» Assignment: Starting at the line below that contains "U4 = LM35DT-H:LM35DT: Check", print each line through the end of the records exactly as it appears.

» Data excerpts:

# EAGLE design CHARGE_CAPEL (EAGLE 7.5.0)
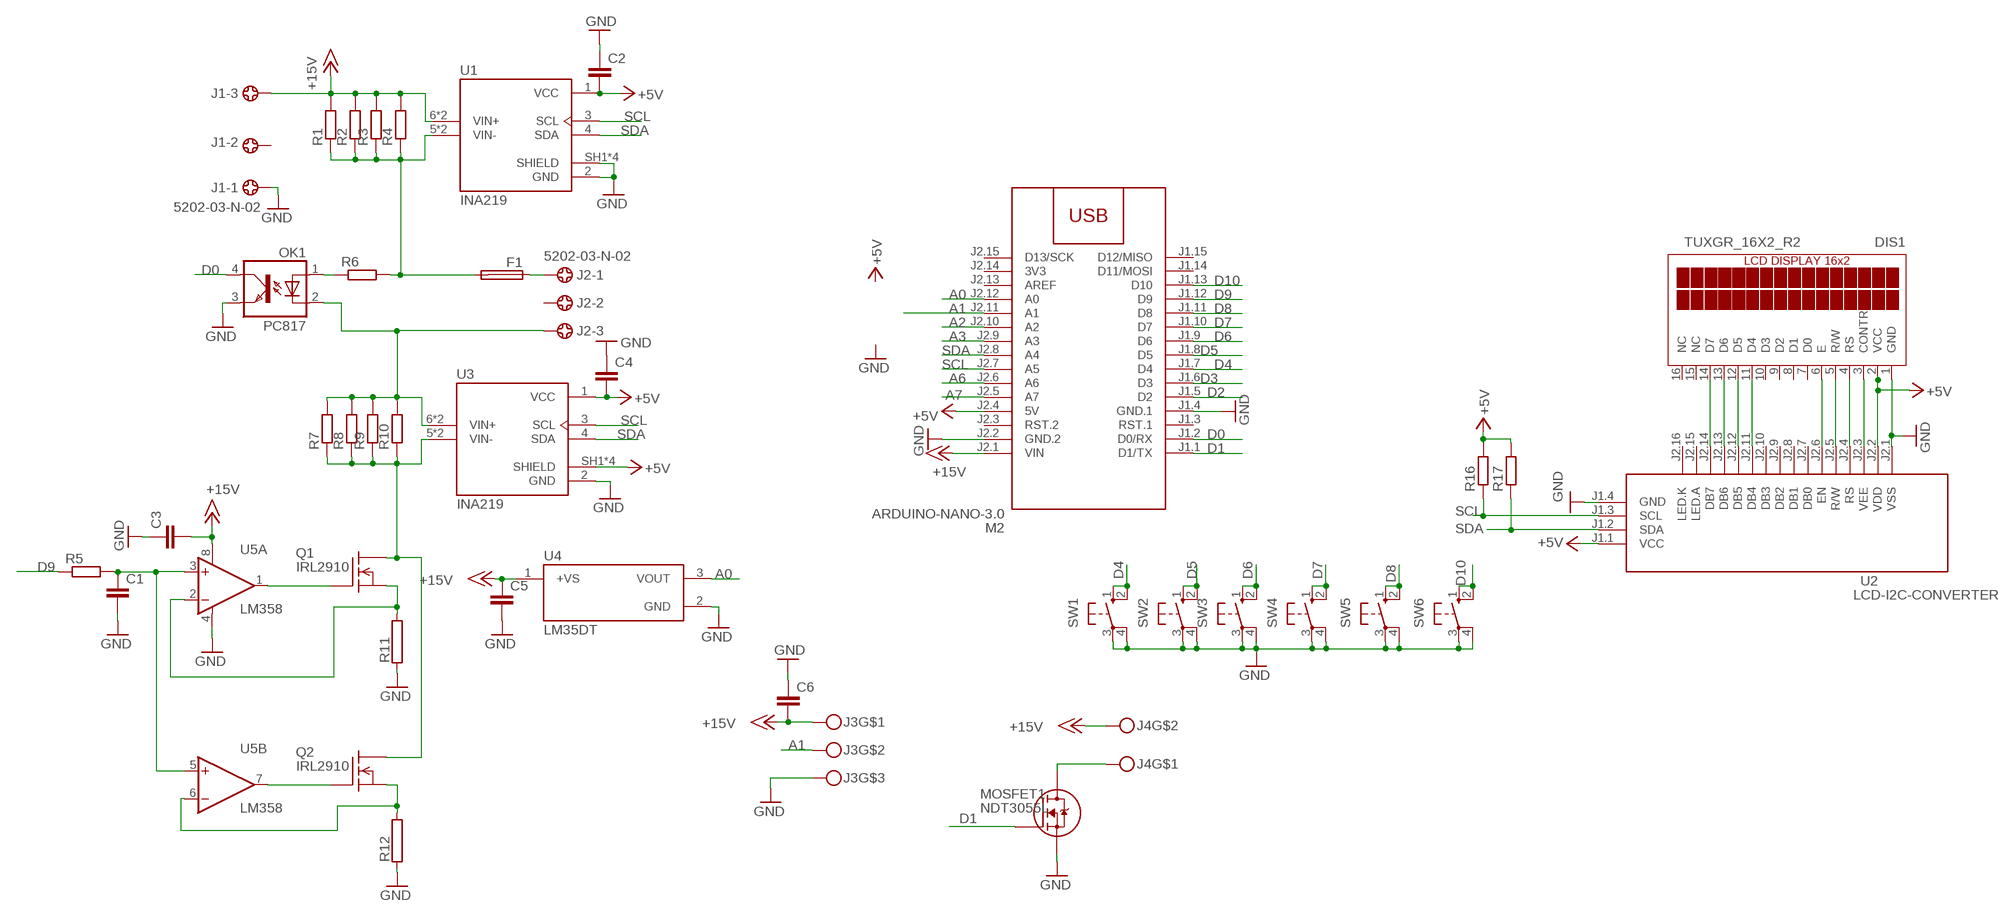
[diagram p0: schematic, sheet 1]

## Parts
C1  C-EUC1206  [C1206]
C2  C-EUC1206  [C1206]
C3  C-EUC1206  [C1206]
C4  C-EUC1206  [C1206]
C5  C-EUC1206  [C1206]
C6  C-EUC1206  [C1206]
DIS1  TUXGR_16X2_R2  [TUXGR_16X2_R2]
F1  FUSEBLANK_5X20MM  [FUSE_HOLDER_5X20MM]
J1  5202-03-N-02  [5202-03-N-02]
J2  5202-03-N-02  [5202-03-N-02]
J3  MKDSN3  [MKDSN3]
J4  MKDSN1,5-2-5,08  [MKDSN1,5-2-5,08]
M2  ARDUINO-NANO-3.0  [ARDUINO-NANO-3.0]
MOSFET1  NDT3055L  [SOT223-4]
OK1  PC817  [DIL04]
Q1  IRL2910  IRF540  [TO220]
Q2  IRL2910  IRF540  [TO220]
R1  R-EU_R2512  [R2512]
R2  R-EU_R2512  [R2512]
R3  R-EU_R2512  [R2512]
R4  R-EU_R2512  [R2512]
R5  R-EU_R1206  [R1206]
R6  R-EU_R1206  [R1206]
R7  R-EU_R2512  [R2512]
R8  R-EU_R2512  [R2512]
R9  R-EU_R2512  [R2512]
R10  R-EU_R2512  [R2512]
R11  RCA4200  [CA4200]
R12  RCA4200  [CA4200]
R16  R-EU_R1206  [R1206]
R17  R-EU_R1206  [R1206]
SW1  40-XX  [B3F-40XX]
SW2  40-XX  [B3F-40XX]
SW3  40-XX  [B3F-40XX]
SW4  40-XX  [B3F-40XX]
SW5  40-XX  [B3F-40XX]
SW6  40-XX  [B3F-40XX]
U1  INA219  [MODULE_INA219]
U2  LCD-I2C-CONVERTER  [LCD-I2C-CONVERTER]
U3  INA219  [MODULE_INA219]
U4  LM35DT  [TO254P1016X457X1955-3]
U5  LM358  OPA2234P  [DIL08]

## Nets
+5V: C2.2 C4.2 DIS1.2(VCC) M2.J2.4(5V) R16.2 R17.2 U1.1(VCC) U2.J1.1(VCC) U2.J2.2(VDD) U3.1(VCC) U3.SH1(SHIELD) U3.SH2(SHIELD) U3.SH3(SHIELD) U3.SH4(SHIELD)
+15V: C3.2 C5.1 C6.2 J1.3 J3.1 J4.2 M2.J2.1(VIN) R1.2 R2.2 R3.2 R4.2 U1.6(VIN+) U1.VIN+ U4.1(+VS) U5.8(A:V+)
A0: M2.J2.12(A0) U4.3(VOUT)
A1: J3.2 M2.J2.11(A1)
A2: M2.J2.10(A2)
A3: M2.J2.9(A3)
A6: M2.J2.6(A6)
A7: M2.J2.5(A7)
D0: M2.J1.2(D0/RX) OK1.4(COL)
D1: M2.J1.1(D1/TX) MOSFET1.1(G)
D2: M2.J1.5(D2)
D3: M2.J1.6(D3)
D4: M2.J1.7(D4) SW1.1(S) SW1.2(S1)
D5: M2.J1.8(D5) SW2.1(S) SW2.2(S1)
D6: M2.J1.9(D6) SW3.1(S) SW3.2(S1)
D7: M2.J1.10(D7) SW4.1(S) SW4.2(S1)
D8: M2.J1.11(D8) SW5.1(S) SW5.2(S1)
D9: M2.J1.12(D9) R5.1
D10: M2.J1.13(D10) SW6.1(S) SW6.2(S1)
GND: C1.2 C2.1 C3.1 C4.1 C5.2 C6.1 DIS1.1(GND) J1.1 J3.3 M2.J1.4(GND.1) M2.J2.2(GND.2) MOSFET1.3(S) OK1.3(EMIT) R11.1 R12.1 SW1.3(P) SW1.4(P1) SW2.3(P) SW2.4(P1) SW3.3(P) SW3.4(P1) SW4.3(P) SW4.4(P1) SW5.3(P) SW5.4(P1) SW6.3(P) SW6.4(P1) U1.2(GND) U1.SH1(SHIELD) U1.SH2(SHIELD) U1.SH3(SHIELD) U1.SH4(SHIELD) U2.J1.4(GND) U2.J2.1(VSS) U3.2(GND) U4.2(GND) U5.4(A:V-)
N$1: DIS1.14(D7) U2.J2.14(DB7)
N$2: DIS1.13(D6) U2.J2.13(DB6)
N$3: DIS1.12(D5) U2.J2.12(DB5)
N$4: DIS1.11(D4) U2.J2.11(DB4)
N$5: DIS1.6(E) U2.J2.6(EN)
N$6: DIS1.5(R/W) U2.J2.5(R/W)
N$7: DIS1.4(RS) U2.J2.4(RS)
N$8: Q1.1(G) U5.1(A:OUT)
N$9: F1.2 R1.1 R2.1 R3.1 R4.1 R6.2 U1.5(VIN-) U1.VIN-
N$10: DIS1.3(CONTR) U2.J2.3(VEE)
N$11: F1.1 J2.1
N$12: J2.3 OK1.2(C) R7.2 R8.2 R9.2 R10.2 U3.6(VIN+) U3.VIN+
N$13: OK1.1(A) R6.1
N$14: Q1.3(S) R11.2 U5.2(A:-IN)
N$15: Q2.3(S) R12.2 U5.6(B:-IN)
N$16: Q1.2(D) Q2.2(D) R7.1 R8.1 R9.1 R10.1 U3.5(VIN-) U3.VIN-
N$17: Q2.1(G) U5.7(B:OUT)
N$18: J4.1 MOSFET1.2(D) MOSFET1.4(D)
N$19: C1.1 R5.2 U5.3(A:+IN) U5.5(B:+IN)
SCL: M2.J2.7(A5) R16.1 U1.3(SCL) U2.J1.3(SCL) U3.3(SCL)
SDA: M2.J2.8(A4) R17.1 U1.4(SDA) U2.J1.2(SDA) U3.4(SDA)
Unconnected: DIS1.7(D0) DIS1.8(D1) DIS1.9(D2) DIS1.10(D3) DIS1.15(NC) DIS1.16(NC) J1.2 J2.2 M2.J1.3(RST.1) M2.J1.14(D11/MOSI) M2.J1.15(D12/MISO) M2.J2.3(RST.2) M2.J2.13(AREF) M2.J2.15(D13/SCK) U2.J2.7(DB0) U2.J2.8(DB1) U2.J2.9(DB2) U2.J2.10(DB3) U2.J2.15(LED.A) U2.J2.16(LED.K)

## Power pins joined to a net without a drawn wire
3V3: M2.J2.14(3V3)

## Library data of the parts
C1-C6 = rcl:C-EU: CAPACITOR, European symbol
DIS1 = display-lcd:TUXGR_16X2_R2: Tuxgraphics LCD display 16x2 characters reflective, without background light Source: tuxgr_12x2_r2.pdf; OC_FARNELL: unknown; OC_NEWARK: unknown
F1 = fuse:FUSE: Fuse; OC_FARNELL: unknown; OC_NEWARK: unknown
J1 J2 = con-ebyelectro:5202-03-N-02: Barrier Blocks Sreies 5202 Source: http://www.ebyelectro.com/PDF/5202-XX-N-02.pdf; OC_FARNELL: unknown; OC_NEWARK: unknown
J3 = con-phoenix-508:MKDSN3
J4 = con-phoenix-508:MKDSN1,5-2-5,08
M2 = diy-modules:ARDUINO-NANO-3.0: Arduino Nano 3.0 and compatible devices More details available here: https://www.arduino.cc/en/Main/ArduinoBoardNano Click here to find device on ebay.com
MOSFET1 = NDT3055L:NDT3055L: Trans MOSFET N-CH 60V 4A 4-Pin(3+Tab) SOT-223 Trans MOSFET N-CH 60V 4A 4-Pin(3+Tab) SOT-223 Check availability; AVAILABILITY: In Stock; CHECK_PRICES: https://www.snapeda.com/parts/NDT3055L/Onsemi/view-part/?ref=eda; DESCRIPTION: Trans MOSFET N-CH 60V 4A 4-Pin(3+Tab) SOT-223 Trans MOSFET N-CH 60V 4A 4-Pin(3+Tab) SOT-223; MF: ON; MP: NDT3055L; PACKAGE: SOT-223-4 Fairchild Semiconductor; PRICE: None; SNAPEDA_LINK: https://www.snapeda.com/parts/NDT3055L/Onsemi/view-part/?ref=snap
OK1 = optocoupler:PC817: SHARP OPTO COUPLER; MPN: PC817X4J000F; OC_FARNELL: 9707727; OC_NEWARK: 97K7059
Q1 Q2 = transistor-fet:IRF540: N-Channel Enhancement MOSFET (HEXFET); 100V; 28A; 0,077Ohm
R1-R10 R16 R17 = rcl:R-EU_: RESISTOR, European symbol
R11 R12 = resistor-power:R: Power Resitor; OC_FARNELL: unknown; OC_NEWARK: unknown
SW1-SW6 = switch-omron:40-XX: OMRON SWITCH; MF: OMRON COMPONENTS USA; MPN: B3F-4000; OC_FARNELL: 176434; OC_NEWARK: 36K3105
U1 U3 = INA219:INA219: Check availability; AVAILABILITY: Not in stock; CHECK_PRICES: https://www.snapeda.com/parts/INA219%20High%20Side%20DC%20Current%20Sensor%20Breakout%20-%2026V%20%C2%B13.2A%20Max%20-%20STEMMA%20QT/Adafruit+Industries/view-part/?ref=eda; DESCRIPTION: INA219 High Side DC Current Sensor Breakout - 26V ±3.2A Max | Adafruit Industries 904; MF: Adafruit Industries; MP: INA219 High Side DC Current Sensor Breakout - 26V ±3.2A Max - STEMMA QT; PACKAGE: NON-STANDARD-8 ADAFRUIT; PRICE: None; SNAPEDA_LINK: https://www.snapeda.com/parts/INA219%20High%20Side%20DC%20Current%20Sensor%20Breakout%20-%2026V%20%C2%B13.2A%20Max%20-%20STEMMA%20QT/Adafruit+Industries/view-part/?ref=snap
U2 = diy-modules:LCD-I2C-CONVERTER: I2C Bus to 4-Bit Parallel LCD Interface with LED backlight driver
U4 = LM35DT-H:LM35DT: Check availability; AVAILABILITY: In Stock; CHECK_PRICES: https://www.snapeda.com/parts/LM35DT/Texas+Instruments/view-part/?ref=eda; DESCRIPTION: ±0.5°C 4V-30V, Temperature sensor with analog output 3-TO-220 0 to 100; MF: Texas Instruments; MP: LM35DT; PACKAGE: TO-220-3 Texas Instruments; PRICE: None; SNAPEDA_LINK: https://www.snapeda.com/parts/LM35DT/Texas+Instruments/view-part/?ref=snap
U5 = burr-brown:OPA2234: Operational Amplifier; OC_FARNELL: unknown; OC_NEWARK: unknown

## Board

» Answer to the exercise:
U4 = LM35DT-H:LM35DT: Check availability; AVAILABILITY: In Stock; CHECK_PRICES: https://www.snapeda.com/parts/LM35DT/Texas+Instruments/view-part/?ref=eda; DESCRIPTION: ±0.5°C 4V-30V, Temperature sensor with analog output 3-TO-220 0 to 100; MF: Texas Instruments; MP: LM35DT; PACKAGE: TO-220-3 Texas Instruments; PRICE: None; SNAPEDA_LINK: https://www.snapeda.com/parts/LM35DT/Texas+Instruments/view-part/?ref=snap
U5 = burr-brown:OPA2234: Operational Amplifier; OC_FARNELL: unknown; OC_NEWARK: unknown

## Board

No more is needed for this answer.